- _What to do_: With the first line as the start and the line containing "elements below it])" as the end, write out every line of the records exactly.
┄┄┄┄┄┄
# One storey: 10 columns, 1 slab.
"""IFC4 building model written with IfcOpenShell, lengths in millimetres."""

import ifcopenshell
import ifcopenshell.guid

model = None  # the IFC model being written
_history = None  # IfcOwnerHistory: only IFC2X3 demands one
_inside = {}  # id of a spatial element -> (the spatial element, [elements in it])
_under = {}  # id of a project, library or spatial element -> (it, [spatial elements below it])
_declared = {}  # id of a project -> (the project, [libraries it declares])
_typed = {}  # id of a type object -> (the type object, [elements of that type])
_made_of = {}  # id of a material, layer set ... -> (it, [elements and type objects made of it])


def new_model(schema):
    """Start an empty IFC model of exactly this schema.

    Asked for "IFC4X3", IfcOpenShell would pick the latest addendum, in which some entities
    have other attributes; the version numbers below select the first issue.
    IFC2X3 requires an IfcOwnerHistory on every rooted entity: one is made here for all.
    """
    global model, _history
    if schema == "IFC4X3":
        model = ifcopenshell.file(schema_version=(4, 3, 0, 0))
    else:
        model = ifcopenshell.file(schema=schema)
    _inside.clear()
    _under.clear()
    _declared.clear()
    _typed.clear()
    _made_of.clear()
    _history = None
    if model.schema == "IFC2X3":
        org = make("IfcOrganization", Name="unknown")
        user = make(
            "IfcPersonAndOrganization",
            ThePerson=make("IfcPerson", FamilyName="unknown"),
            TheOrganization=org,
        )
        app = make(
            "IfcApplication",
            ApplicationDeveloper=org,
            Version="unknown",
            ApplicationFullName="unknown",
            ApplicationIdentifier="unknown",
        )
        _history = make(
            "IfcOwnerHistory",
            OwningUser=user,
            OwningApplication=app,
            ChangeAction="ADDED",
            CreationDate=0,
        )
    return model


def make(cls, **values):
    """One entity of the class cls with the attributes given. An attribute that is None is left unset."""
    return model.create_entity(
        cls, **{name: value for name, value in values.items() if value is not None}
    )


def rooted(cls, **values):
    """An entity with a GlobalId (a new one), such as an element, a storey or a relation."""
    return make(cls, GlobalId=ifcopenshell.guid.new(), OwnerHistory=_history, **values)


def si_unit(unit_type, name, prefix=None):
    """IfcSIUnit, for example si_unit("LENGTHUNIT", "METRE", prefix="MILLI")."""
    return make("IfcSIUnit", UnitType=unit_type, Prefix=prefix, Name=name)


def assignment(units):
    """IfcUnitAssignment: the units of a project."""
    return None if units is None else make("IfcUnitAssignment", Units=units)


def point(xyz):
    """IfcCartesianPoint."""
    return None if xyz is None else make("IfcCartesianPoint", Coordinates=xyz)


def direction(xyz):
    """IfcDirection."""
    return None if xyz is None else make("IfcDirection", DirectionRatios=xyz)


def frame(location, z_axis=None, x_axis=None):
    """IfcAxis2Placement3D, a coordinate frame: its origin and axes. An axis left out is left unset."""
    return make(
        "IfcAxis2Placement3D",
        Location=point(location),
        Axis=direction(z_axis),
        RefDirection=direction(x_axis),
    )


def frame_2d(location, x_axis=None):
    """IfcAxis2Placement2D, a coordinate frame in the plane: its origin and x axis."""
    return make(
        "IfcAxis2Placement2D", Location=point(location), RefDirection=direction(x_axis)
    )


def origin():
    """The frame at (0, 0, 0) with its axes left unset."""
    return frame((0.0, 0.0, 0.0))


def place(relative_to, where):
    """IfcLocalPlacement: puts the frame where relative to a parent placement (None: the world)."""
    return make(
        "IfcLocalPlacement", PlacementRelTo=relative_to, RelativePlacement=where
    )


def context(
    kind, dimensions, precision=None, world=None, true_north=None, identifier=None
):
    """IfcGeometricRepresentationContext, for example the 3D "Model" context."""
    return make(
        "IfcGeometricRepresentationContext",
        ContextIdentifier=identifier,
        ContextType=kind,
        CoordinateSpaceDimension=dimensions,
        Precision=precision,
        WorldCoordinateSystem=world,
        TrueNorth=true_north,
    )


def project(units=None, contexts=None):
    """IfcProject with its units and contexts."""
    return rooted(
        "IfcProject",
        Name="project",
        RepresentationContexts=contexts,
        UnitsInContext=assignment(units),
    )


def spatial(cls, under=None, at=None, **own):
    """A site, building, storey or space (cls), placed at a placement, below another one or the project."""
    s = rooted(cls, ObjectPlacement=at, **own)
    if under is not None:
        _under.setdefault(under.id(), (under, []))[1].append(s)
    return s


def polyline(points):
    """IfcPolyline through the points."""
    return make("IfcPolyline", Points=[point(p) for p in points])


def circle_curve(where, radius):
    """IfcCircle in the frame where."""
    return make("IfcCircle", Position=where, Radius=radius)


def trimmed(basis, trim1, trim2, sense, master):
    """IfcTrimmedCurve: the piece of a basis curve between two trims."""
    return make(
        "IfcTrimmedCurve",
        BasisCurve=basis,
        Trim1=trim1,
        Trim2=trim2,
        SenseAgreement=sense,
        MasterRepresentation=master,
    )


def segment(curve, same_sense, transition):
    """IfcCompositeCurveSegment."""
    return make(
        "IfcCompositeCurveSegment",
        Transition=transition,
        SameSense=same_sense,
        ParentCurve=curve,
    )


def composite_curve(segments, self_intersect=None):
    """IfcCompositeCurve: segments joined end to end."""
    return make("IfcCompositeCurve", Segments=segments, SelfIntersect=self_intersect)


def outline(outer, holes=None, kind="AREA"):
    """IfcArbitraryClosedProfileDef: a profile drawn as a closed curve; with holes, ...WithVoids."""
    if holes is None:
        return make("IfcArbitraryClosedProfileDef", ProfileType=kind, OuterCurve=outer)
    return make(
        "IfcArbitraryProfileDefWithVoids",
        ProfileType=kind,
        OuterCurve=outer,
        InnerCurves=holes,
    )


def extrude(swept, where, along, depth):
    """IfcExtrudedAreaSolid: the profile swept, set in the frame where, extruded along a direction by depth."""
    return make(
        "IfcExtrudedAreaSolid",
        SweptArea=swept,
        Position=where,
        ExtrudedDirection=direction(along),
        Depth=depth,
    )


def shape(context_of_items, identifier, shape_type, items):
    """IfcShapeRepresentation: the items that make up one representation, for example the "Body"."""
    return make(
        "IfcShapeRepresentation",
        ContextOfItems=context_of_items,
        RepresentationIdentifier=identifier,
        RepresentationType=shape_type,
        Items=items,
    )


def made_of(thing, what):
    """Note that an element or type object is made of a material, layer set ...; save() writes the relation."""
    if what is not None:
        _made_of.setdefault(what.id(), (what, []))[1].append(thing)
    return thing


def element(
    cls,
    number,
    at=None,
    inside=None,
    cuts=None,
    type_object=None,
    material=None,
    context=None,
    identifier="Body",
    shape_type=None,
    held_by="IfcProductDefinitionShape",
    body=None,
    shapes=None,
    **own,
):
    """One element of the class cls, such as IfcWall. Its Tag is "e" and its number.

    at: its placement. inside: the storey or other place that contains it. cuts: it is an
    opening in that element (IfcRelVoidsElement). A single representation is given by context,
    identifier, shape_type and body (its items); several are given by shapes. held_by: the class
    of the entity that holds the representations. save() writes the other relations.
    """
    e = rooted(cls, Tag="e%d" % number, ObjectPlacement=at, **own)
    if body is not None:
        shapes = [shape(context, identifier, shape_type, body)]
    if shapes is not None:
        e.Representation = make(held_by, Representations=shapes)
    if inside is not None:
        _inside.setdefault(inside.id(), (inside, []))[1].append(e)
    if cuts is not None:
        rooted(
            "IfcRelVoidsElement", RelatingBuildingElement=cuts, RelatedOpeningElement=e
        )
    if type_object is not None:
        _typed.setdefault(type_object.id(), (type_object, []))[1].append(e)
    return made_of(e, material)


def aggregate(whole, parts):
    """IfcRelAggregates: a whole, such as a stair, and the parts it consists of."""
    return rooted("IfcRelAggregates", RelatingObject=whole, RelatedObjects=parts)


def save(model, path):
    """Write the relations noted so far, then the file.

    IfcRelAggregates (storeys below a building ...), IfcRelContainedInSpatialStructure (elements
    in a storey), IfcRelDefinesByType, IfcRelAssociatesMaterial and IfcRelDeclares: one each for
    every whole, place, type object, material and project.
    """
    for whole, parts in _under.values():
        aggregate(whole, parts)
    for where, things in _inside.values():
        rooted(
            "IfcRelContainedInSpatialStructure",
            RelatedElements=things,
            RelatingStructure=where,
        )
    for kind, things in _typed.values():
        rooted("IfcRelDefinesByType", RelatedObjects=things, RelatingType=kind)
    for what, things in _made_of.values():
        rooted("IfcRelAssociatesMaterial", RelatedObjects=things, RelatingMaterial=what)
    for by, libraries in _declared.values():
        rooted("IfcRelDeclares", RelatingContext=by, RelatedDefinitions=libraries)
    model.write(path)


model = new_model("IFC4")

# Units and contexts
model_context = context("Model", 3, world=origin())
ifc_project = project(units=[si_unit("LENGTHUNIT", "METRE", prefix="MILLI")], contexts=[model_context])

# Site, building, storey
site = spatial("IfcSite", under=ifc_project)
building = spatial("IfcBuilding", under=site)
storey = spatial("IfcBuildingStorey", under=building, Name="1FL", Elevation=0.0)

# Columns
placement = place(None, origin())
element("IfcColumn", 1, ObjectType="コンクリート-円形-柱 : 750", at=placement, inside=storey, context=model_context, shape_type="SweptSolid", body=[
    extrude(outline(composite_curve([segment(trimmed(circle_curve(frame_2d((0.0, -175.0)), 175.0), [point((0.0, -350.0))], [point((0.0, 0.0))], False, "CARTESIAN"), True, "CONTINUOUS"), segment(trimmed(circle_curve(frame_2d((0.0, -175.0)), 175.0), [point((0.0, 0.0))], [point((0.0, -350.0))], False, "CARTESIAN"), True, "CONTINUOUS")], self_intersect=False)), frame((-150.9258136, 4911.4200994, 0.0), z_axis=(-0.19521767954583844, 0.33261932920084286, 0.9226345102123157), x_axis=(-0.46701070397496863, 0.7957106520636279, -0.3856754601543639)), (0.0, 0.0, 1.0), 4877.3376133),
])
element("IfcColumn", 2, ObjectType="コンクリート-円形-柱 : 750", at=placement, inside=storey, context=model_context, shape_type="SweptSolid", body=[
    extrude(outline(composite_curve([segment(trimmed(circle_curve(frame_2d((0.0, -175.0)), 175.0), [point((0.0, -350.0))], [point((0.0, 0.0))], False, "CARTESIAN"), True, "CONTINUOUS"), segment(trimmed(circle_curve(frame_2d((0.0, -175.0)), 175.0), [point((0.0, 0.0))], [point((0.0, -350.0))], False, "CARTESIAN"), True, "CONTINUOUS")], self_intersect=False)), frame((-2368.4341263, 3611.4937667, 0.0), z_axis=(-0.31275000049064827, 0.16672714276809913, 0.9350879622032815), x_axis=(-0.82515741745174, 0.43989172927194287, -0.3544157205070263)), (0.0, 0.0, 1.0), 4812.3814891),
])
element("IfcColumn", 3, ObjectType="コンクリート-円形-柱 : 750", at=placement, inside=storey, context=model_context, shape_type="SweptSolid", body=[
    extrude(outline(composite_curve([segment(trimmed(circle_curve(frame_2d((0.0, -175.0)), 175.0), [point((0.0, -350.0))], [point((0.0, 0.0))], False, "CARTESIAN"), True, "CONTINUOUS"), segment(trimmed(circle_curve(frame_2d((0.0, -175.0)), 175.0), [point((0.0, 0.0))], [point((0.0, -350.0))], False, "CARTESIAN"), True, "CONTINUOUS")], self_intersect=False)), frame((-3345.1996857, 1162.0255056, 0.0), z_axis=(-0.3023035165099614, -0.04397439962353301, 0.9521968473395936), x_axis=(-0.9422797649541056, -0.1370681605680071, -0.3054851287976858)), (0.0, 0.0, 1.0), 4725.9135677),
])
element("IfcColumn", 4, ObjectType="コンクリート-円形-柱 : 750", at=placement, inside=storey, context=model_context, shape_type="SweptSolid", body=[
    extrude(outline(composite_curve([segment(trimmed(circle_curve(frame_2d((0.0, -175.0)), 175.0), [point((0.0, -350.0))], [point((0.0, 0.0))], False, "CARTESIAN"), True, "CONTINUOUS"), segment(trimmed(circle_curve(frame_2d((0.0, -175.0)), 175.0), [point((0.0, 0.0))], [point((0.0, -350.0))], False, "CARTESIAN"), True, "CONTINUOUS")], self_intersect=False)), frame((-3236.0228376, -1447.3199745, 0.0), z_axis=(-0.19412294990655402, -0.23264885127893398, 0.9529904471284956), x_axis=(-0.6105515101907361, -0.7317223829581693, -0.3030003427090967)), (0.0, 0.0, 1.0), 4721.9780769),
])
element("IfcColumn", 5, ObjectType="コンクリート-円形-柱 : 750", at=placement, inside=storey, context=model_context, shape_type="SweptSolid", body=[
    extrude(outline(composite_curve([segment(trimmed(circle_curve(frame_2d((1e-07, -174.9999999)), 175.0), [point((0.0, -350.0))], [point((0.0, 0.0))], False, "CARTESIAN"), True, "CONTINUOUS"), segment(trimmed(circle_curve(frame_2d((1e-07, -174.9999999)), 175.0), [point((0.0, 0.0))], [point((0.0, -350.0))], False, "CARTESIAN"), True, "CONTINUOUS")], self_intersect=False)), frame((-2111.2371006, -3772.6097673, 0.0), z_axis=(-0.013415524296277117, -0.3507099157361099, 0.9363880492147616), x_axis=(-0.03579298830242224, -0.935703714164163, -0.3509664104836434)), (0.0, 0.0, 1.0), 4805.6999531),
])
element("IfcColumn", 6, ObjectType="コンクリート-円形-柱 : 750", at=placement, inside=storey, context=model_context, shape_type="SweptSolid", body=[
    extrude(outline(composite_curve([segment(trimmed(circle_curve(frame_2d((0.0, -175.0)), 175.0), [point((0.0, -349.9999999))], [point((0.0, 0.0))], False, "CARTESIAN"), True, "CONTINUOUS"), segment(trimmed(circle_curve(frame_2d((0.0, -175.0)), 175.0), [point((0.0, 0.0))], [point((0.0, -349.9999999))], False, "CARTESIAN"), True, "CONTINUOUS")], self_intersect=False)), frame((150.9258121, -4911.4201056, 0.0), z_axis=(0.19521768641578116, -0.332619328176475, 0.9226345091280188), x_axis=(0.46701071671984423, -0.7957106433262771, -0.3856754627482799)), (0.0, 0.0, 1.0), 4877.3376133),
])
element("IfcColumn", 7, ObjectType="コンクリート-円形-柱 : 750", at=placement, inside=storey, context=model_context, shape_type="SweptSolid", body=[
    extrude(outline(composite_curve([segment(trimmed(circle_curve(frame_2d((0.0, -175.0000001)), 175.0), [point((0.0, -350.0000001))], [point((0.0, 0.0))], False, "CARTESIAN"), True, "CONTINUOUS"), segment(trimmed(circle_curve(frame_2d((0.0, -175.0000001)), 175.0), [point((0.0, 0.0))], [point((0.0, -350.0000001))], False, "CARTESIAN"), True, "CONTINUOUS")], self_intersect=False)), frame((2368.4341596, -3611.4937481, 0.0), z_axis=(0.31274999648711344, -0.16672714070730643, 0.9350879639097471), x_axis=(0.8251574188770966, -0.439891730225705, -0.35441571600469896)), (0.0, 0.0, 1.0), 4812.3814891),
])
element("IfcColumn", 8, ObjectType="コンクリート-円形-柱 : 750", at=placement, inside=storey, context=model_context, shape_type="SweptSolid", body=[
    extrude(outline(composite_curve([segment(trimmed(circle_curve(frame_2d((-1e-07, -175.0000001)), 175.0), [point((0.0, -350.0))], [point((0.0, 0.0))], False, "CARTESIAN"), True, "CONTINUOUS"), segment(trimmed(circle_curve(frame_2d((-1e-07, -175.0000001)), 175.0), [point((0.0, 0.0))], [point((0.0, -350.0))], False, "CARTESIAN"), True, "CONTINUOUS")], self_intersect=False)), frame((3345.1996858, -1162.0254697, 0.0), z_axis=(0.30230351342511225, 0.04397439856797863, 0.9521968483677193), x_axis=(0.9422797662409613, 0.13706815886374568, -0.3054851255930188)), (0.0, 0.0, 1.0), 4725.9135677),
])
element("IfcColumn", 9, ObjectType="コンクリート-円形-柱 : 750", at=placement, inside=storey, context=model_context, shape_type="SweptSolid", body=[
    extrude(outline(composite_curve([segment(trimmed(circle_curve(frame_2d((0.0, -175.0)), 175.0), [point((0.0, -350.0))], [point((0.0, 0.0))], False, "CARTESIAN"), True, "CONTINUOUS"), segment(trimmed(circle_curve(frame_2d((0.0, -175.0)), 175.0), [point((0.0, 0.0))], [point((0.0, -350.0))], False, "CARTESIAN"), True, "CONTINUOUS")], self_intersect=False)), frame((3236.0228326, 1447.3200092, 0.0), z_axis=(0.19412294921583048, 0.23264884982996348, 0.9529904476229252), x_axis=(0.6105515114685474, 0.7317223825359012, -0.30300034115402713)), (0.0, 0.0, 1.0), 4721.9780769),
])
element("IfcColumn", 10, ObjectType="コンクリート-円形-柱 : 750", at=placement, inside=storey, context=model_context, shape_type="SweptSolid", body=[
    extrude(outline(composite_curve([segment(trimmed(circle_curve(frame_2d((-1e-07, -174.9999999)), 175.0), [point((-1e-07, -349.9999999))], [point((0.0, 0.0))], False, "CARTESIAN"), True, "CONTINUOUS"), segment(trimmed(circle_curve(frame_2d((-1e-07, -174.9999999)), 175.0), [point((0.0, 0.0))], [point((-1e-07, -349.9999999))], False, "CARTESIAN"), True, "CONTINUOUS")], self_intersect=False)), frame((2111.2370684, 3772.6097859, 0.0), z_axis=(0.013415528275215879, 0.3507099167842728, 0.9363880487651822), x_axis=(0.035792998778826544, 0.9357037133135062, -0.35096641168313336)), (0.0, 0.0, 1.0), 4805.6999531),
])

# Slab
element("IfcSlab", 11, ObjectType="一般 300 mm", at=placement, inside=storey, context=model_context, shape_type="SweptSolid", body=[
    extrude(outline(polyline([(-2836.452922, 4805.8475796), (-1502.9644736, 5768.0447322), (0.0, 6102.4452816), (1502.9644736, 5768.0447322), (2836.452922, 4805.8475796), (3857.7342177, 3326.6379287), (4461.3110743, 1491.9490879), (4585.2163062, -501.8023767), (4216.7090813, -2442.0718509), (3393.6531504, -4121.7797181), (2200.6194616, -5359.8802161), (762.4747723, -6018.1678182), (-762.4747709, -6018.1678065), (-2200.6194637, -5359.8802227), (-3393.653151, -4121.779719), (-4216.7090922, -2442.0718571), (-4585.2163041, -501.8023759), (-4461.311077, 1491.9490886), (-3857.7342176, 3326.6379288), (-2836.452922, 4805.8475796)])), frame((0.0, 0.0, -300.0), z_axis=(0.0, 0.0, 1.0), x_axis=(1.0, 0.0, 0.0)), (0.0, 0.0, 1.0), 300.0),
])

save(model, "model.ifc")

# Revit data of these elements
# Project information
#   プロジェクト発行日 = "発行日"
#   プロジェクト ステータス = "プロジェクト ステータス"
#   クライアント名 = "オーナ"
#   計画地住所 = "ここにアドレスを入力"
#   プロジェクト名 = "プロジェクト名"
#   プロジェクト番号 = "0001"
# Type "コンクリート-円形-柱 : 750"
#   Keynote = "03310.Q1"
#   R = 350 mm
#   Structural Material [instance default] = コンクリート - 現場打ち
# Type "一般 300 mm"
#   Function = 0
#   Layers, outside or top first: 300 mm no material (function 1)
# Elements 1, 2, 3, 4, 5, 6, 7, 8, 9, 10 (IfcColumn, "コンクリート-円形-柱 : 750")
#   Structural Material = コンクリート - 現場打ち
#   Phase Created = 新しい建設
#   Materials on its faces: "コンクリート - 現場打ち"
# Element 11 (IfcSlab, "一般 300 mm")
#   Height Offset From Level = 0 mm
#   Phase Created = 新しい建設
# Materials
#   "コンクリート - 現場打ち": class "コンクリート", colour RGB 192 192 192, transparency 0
┄┄┄┄┄┄
- _Reply_:
# One storey: 10 columns, 1 slab.
"""IFC4 building model written with IfcOpenShell, lengths in millimetres."""

import ifcopenshell
import ifcopenshell.guid

model = None  # the IFC model being written
_history = None  # IfcOwnerHistory: only IFC2X3 demands one
_inside = {}  # id of a spatial element -> (the spatial element, [elements in it])
_under = {}  # id of a project, library or spatial element -> (it, [spatial elements below it])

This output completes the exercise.